“Again sticking with the rebroadcast presumption, its hard to make a case for monetary damages deriving from increasing the size of a broadcast audience, no matter its location.”
The problem for the nets isn’t increasing the size of the broadcast audience — the problem is Aereo is charging that bigger audience for the signal. And the networks are barred by law from doing the same thing.
The premise is the American people own the broadcast airwaves. And you need a license from the People to broadcast over their bandwidth. Broadcasters get exclusive use of a place on the bandwidth — but they can never, ever, EVER charge the American people to access that signal.

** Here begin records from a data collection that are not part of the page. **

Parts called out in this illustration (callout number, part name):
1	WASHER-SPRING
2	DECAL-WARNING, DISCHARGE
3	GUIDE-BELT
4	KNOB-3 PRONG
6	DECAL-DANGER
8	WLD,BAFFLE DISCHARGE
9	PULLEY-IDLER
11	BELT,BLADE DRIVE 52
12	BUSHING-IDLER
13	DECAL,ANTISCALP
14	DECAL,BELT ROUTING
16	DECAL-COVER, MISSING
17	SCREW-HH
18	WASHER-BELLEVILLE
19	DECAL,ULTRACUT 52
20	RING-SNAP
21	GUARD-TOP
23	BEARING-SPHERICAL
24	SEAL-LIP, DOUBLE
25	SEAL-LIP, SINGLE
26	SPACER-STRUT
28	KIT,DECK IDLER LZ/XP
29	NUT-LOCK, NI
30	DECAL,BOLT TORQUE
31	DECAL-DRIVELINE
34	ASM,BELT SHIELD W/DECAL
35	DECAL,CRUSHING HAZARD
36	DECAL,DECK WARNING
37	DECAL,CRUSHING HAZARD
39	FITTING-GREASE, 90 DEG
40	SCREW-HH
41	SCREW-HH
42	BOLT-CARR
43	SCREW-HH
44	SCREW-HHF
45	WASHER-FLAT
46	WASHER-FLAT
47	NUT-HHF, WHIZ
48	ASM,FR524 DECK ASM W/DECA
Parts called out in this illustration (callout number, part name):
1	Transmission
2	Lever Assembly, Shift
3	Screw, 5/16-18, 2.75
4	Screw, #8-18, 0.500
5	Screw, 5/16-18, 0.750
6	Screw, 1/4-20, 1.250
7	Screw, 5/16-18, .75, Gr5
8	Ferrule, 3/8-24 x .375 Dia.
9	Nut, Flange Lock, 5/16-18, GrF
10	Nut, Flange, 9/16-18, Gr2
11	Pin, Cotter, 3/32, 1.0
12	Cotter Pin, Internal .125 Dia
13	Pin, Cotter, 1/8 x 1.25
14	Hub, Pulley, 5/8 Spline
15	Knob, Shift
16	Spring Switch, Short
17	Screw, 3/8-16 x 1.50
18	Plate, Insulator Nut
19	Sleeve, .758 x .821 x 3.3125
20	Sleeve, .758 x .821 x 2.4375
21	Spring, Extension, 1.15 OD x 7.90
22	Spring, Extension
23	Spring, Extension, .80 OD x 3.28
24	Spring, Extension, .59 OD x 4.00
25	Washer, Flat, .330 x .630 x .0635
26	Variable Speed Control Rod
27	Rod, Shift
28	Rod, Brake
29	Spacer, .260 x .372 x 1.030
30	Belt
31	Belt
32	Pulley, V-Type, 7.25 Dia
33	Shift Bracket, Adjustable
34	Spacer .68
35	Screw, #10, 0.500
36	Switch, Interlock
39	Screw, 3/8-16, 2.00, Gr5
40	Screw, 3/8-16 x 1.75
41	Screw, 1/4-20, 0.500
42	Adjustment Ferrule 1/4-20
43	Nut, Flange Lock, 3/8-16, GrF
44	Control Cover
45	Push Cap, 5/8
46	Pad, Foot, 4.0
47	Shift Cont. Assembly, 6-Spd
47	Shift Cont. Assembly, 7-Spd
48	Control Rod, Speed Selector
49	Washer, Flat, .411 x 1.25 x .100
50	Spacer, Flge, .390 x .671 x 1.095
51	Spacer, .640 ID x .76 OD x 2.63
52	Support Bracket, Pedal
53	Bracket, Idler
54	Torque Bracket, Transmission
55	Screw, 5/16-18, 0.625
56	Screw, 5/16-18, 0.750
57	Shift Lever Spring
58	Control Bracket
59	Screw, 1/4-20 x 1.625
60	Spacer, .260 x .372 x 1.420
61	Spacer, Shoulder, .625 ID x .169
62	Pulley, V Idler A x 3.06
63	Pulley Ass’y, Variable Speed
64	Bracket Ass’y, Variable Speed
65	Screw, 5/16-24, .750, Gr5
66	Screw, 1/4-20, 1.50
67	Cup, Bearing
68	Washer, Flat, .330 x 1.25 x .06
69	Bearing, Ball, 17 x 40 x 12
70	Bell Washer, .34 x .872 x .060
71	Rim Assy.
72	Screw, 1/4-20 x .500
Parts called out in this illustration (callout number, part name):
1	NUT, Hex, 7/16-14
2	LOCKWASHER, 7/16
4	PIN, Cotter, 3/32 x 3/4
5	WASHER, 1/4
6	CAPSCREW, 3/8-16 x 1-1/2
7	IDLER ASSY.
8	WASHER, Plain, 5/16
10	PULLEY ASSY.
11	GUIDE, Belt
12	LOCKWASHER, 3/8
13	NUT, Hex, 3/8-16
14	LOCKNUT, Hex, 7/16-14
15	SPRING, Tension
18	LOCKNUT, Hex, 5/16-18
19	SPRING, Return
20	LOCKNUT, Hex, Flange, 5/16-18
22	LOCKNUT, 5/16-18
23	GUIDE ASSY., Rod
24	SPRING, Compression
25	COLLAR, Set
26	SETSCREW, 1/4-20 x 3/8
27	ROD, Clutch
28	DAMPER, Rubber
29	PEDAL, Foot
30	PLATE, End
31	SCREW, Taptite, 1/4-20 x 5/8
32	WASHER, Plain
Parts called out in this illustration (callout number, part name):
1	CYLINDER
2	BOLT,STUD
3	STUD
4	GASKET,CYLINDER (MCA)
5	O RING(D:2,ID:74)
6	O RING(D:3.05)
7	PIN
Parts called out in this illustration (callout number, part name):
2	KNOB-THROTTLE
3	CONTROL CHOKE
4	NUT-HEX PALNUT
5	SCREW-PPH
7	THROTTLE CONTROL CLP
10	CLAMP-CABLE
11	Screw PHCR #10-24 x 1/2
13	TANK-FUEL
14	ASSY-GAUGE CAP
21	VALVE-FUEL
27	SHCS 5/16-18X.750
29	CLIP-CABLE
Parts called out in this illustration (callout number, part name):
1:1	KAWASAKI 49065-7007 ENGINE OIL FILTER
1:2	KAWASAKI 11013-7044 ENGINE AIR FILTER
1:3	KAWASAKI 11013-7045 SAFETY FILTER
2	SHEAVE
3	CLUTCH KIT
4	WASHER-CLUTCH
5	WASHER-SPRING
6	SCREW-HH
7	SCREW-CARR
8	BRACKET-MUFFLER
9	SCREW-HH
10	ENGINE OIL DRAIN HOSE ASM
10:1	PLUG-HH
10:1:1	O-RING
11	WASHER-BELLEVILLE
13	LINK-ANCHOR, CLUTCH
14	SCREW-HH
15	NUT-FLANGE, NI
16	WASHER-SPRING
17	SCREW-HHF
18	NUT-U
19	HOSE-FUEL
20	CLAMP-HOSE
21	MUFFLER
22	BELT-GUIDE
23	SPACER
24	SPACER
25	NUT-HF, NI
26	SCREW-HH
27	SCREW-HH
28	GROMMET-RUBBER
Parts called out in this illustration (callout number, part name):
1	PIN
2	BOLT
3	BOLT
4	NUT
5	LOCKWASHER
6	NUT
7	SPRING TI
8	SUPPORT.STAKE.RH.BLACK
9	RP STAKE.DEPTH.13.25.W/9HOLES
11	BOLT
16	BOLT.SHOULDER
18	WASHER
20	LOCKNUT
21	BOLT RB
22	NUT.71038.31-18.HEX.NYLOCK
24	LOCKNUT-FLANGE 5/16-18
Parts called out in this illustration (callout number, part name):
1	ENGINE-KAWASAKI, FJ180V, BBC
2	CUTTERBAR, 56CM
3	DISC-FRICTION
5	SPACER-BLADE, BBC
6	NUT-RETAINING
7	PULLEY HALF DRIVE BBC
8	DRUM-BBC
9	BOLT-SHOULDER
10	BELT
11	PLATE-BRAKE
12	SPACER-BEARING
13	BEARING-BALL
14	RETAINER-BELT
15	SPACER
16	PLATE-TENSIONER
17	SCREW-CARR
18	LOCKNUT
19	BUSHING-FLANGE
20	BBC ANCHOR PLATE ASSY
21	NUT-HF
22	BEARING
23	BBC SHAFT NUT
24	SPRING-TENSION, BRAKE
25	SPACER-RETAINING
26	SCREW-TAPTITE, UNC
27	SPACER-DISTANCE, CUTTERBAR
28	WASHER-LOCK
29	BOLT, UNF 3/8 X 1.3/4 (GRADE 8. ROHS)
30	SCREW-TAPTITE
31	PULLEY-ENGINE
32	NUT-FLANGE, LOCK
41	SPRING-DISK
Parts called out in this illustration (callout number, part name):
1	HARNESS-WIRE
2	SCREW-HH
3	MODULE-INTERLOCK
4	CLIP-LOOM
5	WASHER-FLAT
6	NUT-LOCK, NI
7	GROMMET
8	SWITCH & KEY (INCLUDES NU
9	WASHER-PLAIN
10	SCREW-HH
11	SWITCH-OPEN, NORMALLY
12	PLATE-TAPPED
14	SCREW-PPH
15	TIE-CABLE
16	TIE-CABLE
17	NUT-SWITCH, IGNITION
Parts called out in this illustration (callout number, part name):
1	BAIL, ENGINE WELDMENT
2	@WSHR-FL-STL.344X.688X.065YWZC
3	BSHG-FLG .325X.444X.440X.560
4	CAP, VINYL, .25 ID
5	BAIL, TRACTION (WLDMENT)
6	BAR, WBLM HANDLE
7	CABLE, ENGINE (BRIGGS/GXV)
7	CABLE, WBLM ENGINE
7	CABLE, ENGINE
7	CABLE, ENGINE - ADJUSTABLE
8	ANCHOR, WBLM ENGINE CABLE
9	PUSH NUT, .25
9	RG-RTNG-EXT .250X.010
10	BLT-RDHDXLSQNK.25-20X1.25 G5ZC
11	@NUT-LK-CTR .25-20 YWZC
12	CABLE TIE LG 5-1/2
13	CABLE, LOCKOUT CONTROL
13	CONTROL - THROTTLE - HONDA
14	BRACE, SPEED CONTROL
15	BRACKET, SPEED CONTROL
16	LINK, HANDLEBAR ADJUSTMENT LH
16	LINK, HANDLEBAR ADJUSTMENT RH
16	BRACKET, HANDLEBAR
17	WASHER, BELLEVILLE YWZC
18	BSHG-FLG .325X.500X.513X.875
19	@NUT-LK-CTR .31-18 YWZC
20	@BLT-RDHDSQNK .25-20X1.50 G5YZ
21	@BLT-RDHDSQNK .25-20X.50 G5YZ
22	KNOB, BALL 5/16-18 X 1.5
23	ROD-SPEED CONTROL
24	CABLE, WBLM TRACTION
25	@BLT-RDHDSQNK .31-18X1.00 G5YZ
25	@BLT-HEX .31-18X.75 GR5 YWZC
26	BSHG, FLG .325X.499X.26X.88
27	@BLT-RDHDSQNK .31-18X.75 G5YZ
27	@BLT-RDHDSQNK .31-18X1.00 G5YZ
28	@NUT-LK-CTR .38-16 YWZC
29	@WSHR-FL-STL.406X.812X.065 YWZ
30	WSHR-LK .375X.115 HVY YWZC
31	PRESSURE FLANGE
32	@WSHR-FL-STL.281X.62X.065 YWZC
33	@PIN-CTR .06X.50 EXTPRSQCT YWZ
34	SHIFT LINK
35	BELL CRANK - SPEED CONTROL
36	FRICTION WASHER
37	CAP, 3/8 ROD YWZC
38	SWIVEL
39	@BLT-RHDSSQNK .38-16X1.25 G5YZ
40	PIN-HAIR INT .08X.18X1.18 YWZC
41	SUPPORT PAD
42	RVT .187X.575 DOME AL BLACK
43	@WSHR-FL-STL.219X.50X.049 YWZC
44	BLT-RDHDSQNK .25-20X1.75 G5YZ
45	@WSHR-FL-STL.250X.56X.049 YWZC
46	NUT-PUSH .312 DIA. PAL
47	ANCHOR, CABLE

If they try to charge for it, the FCC will yank their license.
What the nets are sore about is that Aereo is making money doing what they’re not allowed to do: charge for “over the airwaves” broadcasting.
Their “damages” are not getting a cut of the money Aereo is making. Their logic: if we can’t charge for sending something out over the airwaves, then nobody can.
Good example.
Concur, as I stated, but that is a matter of business practice, not the procedure of resending the signal.
But then there is the NFL, that does require you to pay them a fee for a broadcast game, if you allow more than a certain number of people to view it in one venue (doesn't matter if you charge or not).
The networks do charge for access to programming when they put it on the Internet, they just don't have to capture it from a broadcast.